-- BRIEF --
Report how many lines in the data include "surface", with the number as the only reply.

Source data:
___

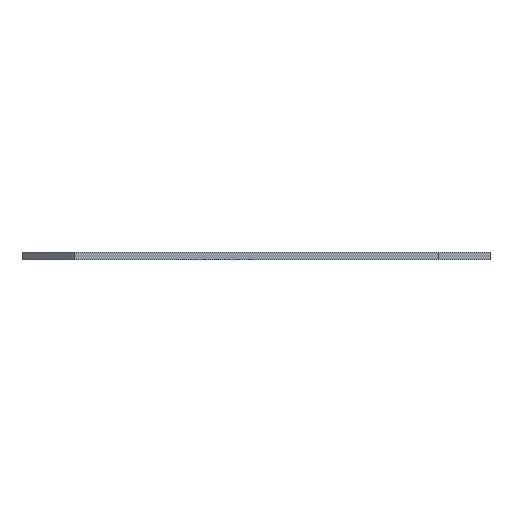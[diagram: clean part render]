
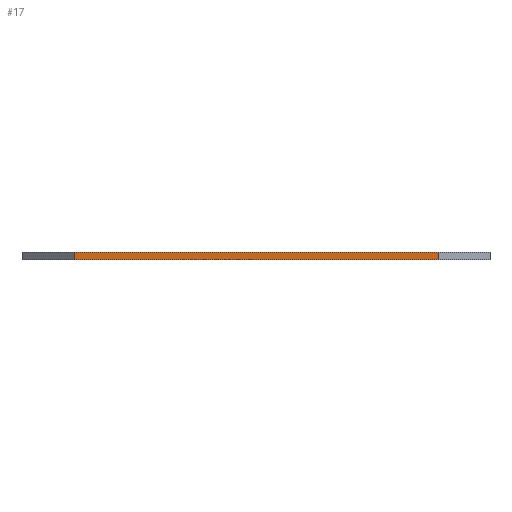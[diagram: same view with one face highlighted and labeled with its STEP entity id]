
A CAD part, front view. The second image highlights one B-rep face of the part: STEP entity #17.
In plain terms, the highlighted planar face has unit normal (0, -1, 0).
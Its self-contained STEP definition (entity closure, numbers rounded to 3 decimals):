
#17 = ADVANCED_FACE('',(#18),#52,.F.);
#18 = FACE_BOUND('',#19,.F.);
#19 = EDGE_LOOP('',(#20,#30,#38,#46));
#20 = ORIENTED_EDGE('',*,*,#21,.T.);
#21 = EDGE_CURVE('',#22,#24,#26,.T.);
#22 = VERTEX_POINT('',#23);
#23 = CARTESIAN_POINT('',(-70.,-130.,18.));
#24 = VERTEX_POINT('',#25);
#25 = CARTESIAN_POINT('',(-70.,-130.,21.));
#26 = LINE('',#27,#28);
#27 = CARTESIAN_POINT('',(-70.,-130.,18.));
#28 = VECTOR('',#29,1.);
#29 = DIRECTION('',(0.,0.,1.));
#30 = ORIENTED_EDGE('',*,*,#31,.T.);
#31 = EDGE_CURVE('',#24,#32,#34,.T.);
#32 = VERTEX_POINT('',#33);
#33 = CARTESIAN_POINT('',(70.,-130.,21.));
#34 = LINE('',#35,#36);
#35 = CARTESIAN_POINT('',(-70.,-130.,21.));
#36 = VECTOR('',#37,1.);
#37 = DIRECTION('',(1.,0.,0.));
#38 = ORIENTED_EDGE('',*,*,#39,.F.);
#39 = EDGE_CURVE('',#40,#32,#42,.T.);
#40 = VERTEX_POINT('',#41);
#41 = CARTESIAN_POINT('',(70.,-130.,18.));
#42 = LINE('',#43,#44);
#43 = CARTESIAN_POINT('',(70.,-130.,18.));
#44 = VECTOR('',#45,1.);
#45 = DIRECTION('',(0.,0.,1.));
#46 = ORIENTED_EDGE('',*,*,#47,.F.);
#47 = EDGE_CURVE('',#22,#40,#48,.T.);
#48 = LINE('',#49,#50);
#49 = CARTESIAN_POINT('',(-70.,-130.,18.));
#50 = VECTOR('',#51,1.);
#51 = DIRECTION('',(1.,0.,0.));
#52 = PLANE('',#53);
#53 = AXIS2_PLACEMENT_3D('',#54,#55,#56);
#54 = CARTESIAN_POINT('',(-70.,-130.,18.));
#55 = DIRECTION('',(0.,1.,0.));
#56 = DIRECTION('',(1.,0.,0.));
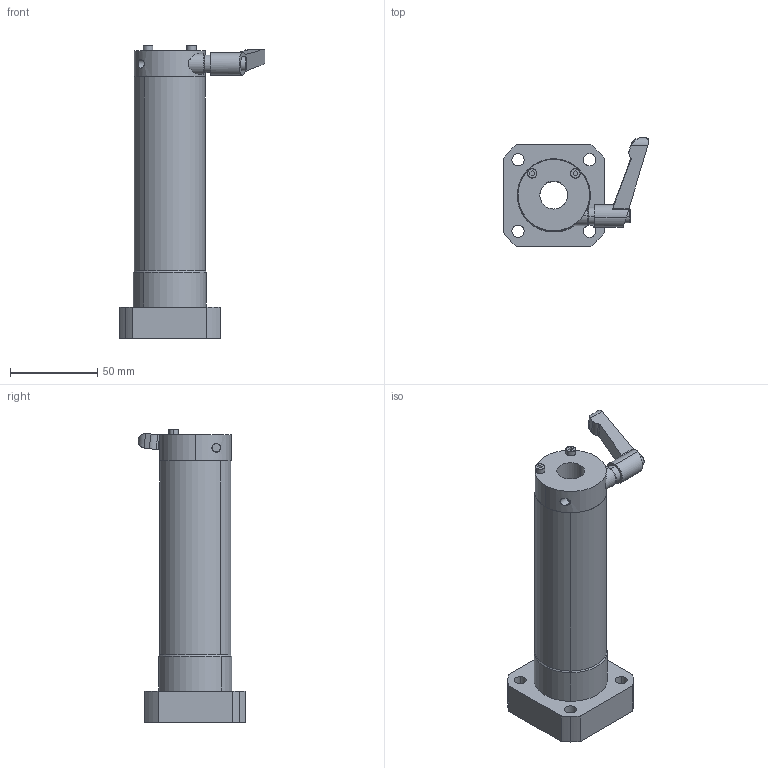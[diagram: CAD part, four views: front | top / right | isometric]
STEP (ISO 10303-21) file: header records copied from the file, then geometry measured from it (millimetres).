
FILE_DESCRIPTION (( 'STEP AP214' ), '1' );
FILE_NAME ('LFWL16MF-C.STEP', '2023-06-27T04:22:33', ( '' ), ( '' ), 'SwSTEP 2.0', 'SolidWorks 2019', '' );
FILE_SCHEMA (( 'AUTOMOTIVE_DESIGN' ));
Length unit declared in the file: millimetre
Products named in the file (3): “ÁSCK1615CO-S3.4; LFWL16MF; LFWL16MF-C
Assembly tree (2 placements, depth 2):
  LFWL16MF-C
    LFWL16MF
    “ÁSCK1615CO-S3.4
Bounding box: 83.5 x 61.81 x 168 mm (x, y, z)
Volume: 221125.5 mm3; surface area: 48997.2 mm2
Topology: 3 solids, 9 shells, 210 faces, 512 edges, 326 vertices
Faces by surface type: cylinder 85, plane 61, bspline 43, cone 13, torus 8
Entity records: 9414 total; most frequent: CARTESIAN_POINT 1981, DIRECTION 1087, ORIENTED_EDGE 1024, EDGE_CURVE 512, AXIS2_PLACEMENT_3D 448, VERTEX_POINT 326, CIRCLE 276, EDGE_LOOP 256

___

-- REPLY --
2